Lesunya perekonomian negara tujuan ekspor Indonesia mulai tampak pada neraca perdagangan luar negeri. Ekspor September US$ 24,8 miliar, turun 10,99% dari Agustus yang US$ 27,9 miliar. Sedang impor September US$ 19,81 miliar atau turun 10,58% dari sebelumnya yang masih US$ 22,15 miliar. Turunnya nilai ekspor, selain karena melemahnya permintaan, juga karena turunnya harga komoditas ekspor utama, terutama kelapa sawit dan bahan tambang seperti nikel.

Hanya batu bara harganya rata rata di atas US$ 330/ton, terutama ditahan tingginya permintaan dari Eropa setelah pasok gas dari Gazprom (Rusia) melalui pipa bawah laut NordSTorm I terganggu. Permintaan batu bara diperkirakan masih akan tinggi memasuki musim dingin sebentar lagi di Eropa. Batu bara sebagai pembangkit energi fosil di banyak pembangkit listrik pernah dicaci benua biru Eropa karena dianggap sebagai salah satu pemicu perubahan iklim.

Perlu kerja keras agar perdagangan luar negeri tetap surplus sehingga bisa memperkuat cadangan devisa. Maklum sejak Federal Reserve Bank secara agresif menaikkan suku bunga, para pengelola dana asing (hedge fund managers) ramai ramai keluar dari pasar modal dan uang.
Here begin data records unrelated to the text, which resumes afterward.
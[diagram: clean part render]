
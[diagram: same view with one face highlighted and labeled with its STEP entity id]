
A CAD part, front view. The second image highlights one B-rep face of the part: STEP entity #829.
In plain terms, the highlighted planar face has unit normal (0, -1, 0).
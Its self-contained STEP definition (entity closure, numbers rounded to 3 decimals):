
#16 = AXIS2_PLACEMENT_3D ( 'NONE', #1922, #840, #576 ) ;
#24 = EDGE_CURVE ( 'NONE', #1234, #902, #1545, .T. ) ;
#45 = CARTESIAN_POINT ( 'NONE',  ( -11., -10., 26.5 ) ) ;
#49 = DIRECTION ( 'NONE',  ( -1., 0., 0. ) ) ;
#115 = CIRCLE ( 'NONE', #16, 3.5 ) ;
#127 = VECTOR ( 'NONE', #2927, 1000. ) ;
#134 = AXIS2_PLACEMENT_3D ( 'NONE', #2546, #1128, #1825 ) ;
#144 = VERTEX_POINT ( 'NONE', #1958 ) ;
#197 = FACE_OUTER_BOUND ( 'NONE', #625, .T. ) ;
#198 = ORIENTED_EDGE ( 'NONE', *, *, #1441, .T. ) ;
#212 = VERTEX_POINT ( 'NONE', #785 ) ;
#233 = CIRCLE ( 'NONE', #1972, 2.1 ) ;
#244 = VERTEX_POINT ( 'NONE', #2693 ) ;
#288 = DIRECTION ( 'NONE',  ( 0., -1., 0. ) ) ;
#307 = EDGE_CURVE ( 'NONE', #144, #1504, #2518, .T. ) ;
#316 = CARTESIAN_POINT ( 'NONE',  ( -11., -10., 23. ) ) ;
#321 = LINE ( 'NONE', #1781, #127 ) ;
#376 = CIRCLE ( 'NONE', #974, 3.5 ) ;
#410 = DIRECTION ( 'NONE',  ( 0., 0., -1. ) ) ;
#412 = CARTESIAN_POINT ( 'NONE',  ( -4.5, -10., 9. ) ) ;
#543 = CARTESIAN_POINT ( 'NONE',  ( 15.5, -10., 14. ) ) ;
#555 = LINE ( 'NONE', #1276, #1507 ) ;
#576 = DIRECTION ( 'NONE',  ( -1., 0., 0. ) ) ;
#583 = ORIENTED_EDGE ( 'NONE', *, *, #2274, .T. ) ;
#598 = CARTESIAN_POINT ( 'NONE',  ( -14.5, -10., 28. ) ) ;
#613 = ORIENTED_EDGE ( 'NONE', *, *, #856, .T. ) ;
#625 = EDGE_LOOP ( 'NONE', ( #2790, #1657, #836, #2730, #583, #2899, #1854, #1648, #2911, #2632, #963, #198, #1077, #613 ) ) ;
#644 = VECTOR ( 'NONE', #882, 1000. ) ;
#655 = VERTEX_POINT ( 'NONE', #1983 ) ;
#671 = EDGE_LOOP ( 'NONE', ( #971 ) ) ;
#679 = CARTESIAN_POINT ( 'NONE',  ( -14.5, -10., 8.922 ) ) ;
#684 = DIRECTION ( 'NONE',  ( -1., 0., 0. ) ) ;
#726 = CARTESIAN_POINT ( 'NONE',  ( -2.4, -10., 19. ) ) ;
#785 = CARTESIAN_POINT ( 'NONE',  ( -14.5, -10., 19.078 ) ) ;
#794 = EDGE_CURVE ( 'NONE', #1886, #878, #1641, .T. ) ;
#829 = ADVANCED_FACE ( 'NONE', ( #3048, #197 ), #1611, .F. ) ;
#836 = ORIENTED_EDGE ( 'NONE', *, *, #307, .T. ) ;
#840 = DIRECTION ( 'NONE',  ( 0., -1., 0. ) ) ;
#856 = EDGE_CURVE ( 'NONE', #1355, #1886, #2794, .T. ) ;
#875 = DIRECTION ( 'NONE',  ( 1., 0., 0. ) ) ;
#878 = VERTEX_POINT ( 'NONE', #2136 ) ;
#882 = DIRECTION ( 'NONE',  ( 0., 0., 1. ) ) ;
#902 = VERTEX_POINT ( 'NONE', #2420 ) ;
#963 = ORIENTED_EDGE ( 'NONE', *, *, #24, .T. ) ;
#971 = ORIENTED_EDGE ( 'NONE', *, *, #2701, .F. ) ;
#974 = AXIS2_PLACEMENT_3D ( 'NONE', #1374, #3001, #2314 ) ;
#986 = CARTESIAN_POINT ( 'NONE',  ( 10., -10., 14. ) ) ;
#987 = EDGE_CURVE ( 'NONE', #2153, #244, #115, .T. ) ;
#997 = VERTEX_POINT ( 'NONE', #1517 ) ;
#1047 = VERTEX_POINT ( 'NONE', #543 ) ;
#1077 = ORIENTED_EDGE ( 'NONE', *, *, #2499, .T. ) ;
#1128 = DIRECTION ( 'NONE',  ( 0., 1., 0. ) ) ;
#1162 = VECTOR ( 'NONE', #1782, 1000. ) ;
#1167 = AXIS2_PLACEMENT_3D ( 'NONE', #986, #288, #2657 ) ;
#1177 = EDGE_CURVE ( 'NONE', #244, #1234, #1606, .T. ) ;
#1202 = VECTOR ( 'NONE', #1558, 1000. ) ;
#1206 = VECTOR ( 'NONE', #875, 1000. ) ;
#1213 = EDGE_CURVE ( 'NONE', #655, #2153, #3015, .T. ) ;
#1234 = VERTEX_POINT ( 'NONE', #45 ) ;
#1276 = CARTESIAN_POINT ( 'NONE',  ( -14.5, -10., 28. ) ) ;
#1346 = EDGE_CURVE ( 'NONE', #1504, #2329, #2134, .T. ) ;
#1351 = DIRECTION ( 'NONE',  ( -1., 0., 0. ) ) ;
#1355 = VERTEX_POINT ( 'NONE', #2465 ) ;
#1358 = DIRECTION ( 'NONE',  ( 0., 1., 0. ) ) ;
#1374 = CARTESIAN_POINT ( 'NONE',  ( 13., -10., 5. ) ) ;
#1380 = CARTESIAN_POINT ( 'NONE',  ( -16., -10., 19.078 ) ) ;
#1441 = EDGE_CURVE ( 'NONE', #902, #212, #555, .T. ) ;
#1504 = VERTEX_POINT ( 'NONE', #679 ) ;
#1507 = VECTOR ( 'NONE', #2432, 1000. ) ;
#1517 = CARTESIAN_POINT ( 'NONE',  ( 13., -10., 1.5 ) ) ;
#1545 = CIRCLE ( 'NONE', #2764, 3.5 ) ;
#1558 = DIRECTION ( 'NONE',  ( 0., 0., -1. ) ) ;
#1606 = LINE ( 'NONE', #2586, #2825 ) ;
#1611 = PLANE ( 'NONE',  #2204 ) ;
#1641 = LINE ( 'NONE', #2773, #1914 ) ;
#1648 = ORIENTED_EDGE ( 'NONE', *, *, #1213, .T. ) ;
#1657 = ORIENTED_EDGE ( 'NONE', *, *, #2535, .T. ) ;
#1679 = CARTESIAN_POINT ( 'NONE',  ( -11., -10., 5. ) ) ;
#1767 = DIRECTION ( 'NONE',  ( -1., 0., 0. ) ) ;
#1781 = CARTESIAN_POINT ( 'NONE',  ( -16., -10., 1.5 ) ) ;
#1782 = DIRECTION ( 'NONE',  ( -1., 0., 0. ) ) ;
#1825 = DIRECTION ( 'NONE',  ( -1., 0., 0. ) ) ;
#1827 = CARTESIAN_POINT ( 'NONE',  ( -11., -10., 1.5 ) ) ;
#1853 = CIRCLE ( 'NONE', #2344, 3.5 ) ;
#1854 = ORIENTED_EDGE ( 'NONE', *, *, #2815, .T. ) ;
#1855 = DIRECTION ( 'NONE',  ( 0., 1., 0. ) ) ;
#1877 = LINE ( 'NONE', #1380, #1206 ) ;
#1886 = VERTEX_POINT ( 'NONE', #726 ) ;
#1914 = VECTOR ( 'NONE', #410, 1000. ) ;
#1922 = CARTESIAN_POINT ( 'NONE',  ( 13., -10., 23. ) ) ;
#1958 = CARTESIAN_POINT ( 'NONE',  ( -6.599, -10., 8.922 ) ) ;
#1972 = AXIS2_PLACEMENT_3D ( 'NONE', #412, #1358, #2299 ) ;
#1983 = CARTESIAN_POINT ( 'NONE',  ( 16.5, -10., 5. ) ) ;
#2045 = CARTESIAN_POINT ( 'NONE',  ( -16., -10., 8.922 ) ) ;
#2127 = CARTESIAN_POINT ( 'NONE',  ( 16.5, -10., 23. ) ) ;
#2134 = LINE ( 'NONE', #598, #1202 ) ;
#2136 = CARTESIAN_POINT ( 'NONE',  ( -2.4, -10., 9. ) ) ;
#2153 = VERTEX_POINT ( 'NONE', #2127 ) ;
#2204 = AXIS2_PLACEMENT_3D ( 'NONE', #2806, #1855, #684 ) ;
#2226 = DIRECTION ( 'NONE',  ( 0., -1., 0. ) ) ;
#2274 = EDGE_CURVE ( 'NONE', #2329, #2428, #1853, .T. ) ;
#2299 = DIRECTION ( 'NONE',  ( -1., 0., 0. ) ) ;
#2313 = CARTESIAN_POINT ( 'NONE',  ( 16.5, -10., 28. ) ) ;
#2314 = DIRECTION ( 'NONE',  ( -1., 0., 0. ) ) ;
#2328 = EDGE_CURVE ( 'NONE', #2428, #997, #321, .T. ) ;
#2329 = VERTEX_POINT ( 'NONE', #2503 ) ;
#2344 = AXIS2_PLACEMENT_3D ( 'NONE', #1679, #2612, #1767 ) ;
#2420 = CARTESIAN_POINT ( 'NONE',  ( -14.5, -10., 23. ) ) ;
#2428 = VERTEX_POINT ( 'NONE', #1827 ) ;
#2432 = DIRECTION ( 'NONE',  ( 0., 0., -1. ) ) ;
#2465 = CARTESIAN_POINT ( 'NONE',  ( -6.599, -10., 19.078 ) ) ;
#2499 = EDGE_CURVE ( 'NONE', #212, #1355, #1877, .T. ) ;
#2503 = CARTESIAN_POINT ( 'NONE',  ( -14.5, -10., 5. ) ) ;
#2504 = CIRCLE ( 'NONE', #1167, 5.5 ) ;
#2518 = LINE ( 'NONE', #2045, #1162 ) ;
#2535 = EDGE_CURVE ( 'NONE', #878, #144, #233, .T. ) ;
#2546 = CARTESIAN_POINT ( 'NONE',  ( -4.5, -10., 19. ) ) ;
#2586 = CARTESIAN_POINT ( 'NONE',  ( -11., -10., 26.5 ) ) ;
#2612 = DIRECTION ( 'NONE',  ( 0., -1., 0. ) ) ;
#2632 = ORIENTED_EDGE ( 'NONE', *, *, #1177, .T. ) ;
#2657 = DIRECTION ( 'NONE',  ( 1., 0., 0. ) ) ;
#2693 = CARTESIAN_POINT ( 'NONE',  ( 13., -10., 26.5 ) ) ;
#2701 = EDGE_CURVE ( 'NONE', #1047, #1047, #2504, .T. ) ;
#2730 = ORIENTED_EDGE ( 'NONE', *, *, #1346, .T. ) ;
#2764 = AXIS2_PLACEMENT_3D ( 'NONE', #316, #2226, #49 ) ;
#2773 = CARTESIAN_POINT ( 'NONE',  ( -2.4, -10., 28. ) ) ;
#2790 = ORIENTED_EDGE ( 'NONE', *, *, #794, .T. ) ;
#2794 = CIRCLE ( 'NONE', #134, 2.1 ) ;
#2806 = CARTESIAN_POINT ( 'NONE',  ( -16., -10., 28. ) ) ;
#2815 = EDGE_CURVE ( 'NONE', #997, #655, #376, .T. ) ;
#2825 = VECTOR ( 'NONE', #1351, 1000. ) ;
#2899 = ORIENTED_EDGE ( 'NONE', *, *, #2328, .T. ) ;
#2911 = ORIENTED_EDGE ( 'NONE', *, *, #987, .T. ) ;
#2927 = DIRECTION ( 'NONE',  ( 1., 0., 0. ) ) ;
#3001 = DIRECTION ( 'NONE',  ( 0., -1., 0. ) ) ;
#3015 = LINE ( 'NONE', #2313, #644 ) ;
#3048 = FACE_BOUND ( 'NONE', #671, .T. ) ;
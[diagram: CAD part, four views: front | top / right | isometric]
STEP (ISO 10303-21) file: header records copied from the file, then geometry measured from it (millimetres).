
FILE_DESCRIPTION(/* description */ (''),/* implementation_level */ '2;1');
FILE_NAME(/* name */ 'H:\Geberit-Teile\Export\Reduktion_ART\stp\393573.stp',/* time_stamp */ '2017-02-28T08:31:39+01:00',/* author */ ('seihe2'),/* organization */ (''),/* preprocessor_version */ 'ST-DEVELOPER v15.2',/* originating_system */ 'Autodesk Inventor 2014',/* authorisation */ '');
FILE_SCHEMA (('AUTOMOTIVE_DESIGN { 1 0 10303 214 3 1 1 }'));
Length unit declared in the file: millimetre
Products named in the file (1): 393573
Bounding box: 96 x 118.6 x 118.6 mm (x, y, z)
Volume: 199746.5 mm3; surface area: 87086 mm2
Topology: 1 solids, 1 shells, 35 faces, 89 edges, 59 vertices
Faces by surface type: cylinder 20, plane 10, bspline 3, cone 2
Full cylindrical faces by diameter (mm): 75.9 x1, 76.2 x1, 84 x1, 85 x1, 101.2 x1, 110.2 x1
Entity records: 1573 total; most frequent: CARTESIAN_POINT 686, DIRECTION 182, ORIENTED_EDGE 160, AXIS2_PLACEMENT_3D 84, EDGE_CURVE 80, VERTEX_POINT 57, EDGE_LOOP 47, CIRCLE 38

Sejak Januari – September 2022, capital outflow asing dari Surat Berharga Negara (SBN) tercatat sudah Rp 150 triliun – sehingga kepemilikan asing di SBN turun jadi Rp 743,23 triliun. Sementara dana asing yang masuk melalui investasi langsung (FDI) belum bisa mengimbangi capital outflow itu.

Akibatnya cadangan devisa terus terkikis, apalagi pada kuartal III, pemerintah dan swasta juga membutuhkan banyak devisa untuk mengangsur utang valuta asingnya. Sehingga pada akhir Oktober cadangan devisa turun jadi US$ 130,8 miliar, masih aman, sekalipun kemampuannya membiayai impor dan membayar utang turun jadi untuk 5,7 bulan.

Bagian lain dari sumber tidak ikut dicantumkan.